Glad I was able to help lol


----------



## Eric Animal (Oct 28, 2007)

ME too....:seeya:


----------



## Instg8ter (Sep 28, 2010)

:rofl:....sorry i was on a "get pissed off break", had a smoke and a beer and went back at it with a fresh perspective. now to get that damn backer plate to stay still while i get one of the screws started, seems to me i used a threaded rod to hold it until i could get a screw bottomed last time, any suggestions or tricks? Hope this fixes the brakes and turn signals, there musta been a whole roll of electrical rape on the old one, squished and pinched wires....fingers crossed.


----------



## Eric Animal (Oct 28, 2007)

Use the threaded rod trick....I beleive we did this when you were building the car....E


----------



## Instg8ter (Sep 28, 2010)

Yeah E, like the wife says i have a great memory, it's just really short....your car is looking Amazing by the way i love that burled dash insert, along with everything else you've done....now to find that threaded rod....:willy: I have located a few candidates for my "Bird Build", and with 16 contracts coming in yesterday due to the Tornadoes on thursday looks like i will be able to afford a nicer foundation to start with. Hoping for a scuff and spray so i may be able to drive it by the end of the summer....Stroker should be done in a few weeks now to decide which will get which as the stroker block is correct for a 72' bird. No biggy as the 455 needed to come out for a new viton rear main anyways.


----------



## Eric Animal (Oct 28, 2007)

Thanks Brian....sounds like you have spring fever !!!!:cheers E


----------



## Instg8ter (Sep 28, 2010)

Got it back in this morning, new harness feels much tighter than just the replacement cancel cam. yeah E was expecting to be snowed in til mid april so i pulled the motor, and now we get record highs and i am sitting here with nothing to cruise, the addition of a new car should eliminate that in the future........ohhh well, working on my Honey-do list so i will have more time on the weekends, when i get the new motor in. She actually made the statement "if you do another car it better be a stick shift" so i take that as approval to buy another car, am i mistaken???....:confused......arty:


----------



## Eric Animal (Oct 28, 2007)

She meant to say "When you do another car......":cheers


----------



## BearGFR (Aug 25, 2008)

Instg8ter said:


> .... when i get the new motor in.

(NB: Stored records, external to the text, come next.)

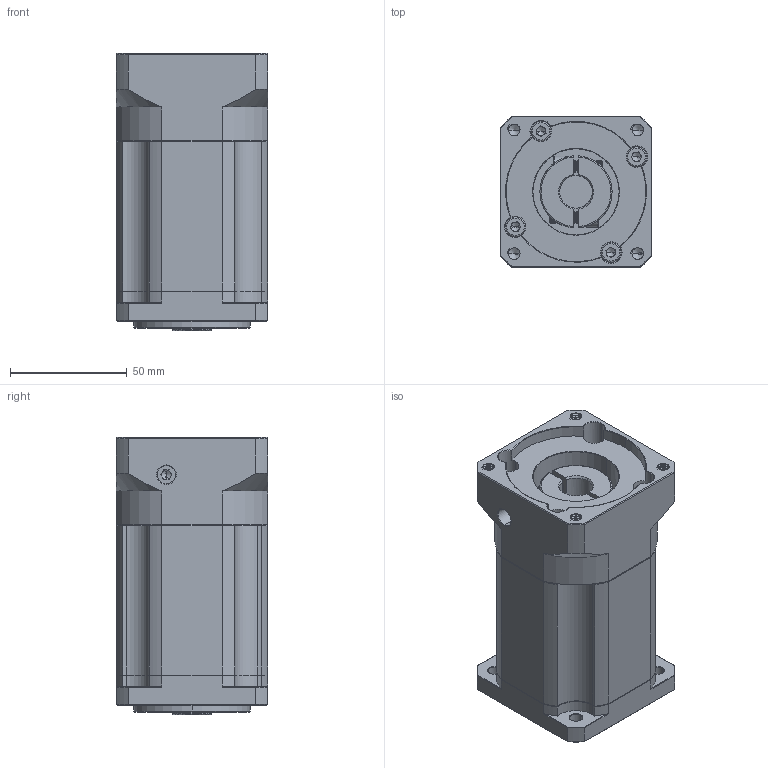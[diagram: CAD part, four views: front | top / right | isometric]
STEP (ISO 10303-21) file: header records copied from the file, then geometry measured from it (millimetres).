
FILE_DESCRIPTION (( 'STEP AP214' ), '1' );
FILE_NAME ('ZB60-K10-L3-14-60-75-M6.STEP', '2022-04-17T07:41:15', ( '' ), ( 'Microsoft' ), 'SwSTEP 2.0', 'SolidWorks 2016', '' );
FILE_SCHEMA (( 'AUTOMOTIVE_DESIGN' ));
Length unit declared in the file: millimetre
Products named in the file (1): ZB60-K10-L3-14-60-75-M6
Bounding box: 65 x 65 x 119 mm (x, y, z)
Volume: 378064.7 mm3; surface area: 61928.9 mm2
Topology: 6 solids, 6 shells, 1837 faces, 4878 edges, 3123 vertices
Faces by surface type: plane 876, cylinder 353, bspline 292, cone 282, torus 34
Entity records: 95823 total; most frequent: CARTESIAN_POINT 32049, ORIENTED_EDGE 9700, DIRECTION 8061, EDGE_CURVE 4850, VERTEX_POINT 3123, VECTOR 2995, LINE 2995, AXIS2_PLACEMENT_3D 2533

She actually made the statement "if you do another car it better be a stick shift" so i take that as approval to buy another car, am i mistaken???....


In a word NO! It's like when Mrs. Bear suggested I take my bonus and finish the GTO. I said "yes ma'am" and immediately started ordering parts, while her trailing syllable was still wafting on the air. 

When you get the answer you want, QUIT ASKING!

Bear


----------



## Eric Animal (Oct 28, 2007)

:agree Smarter than the average bear....yogi!


----------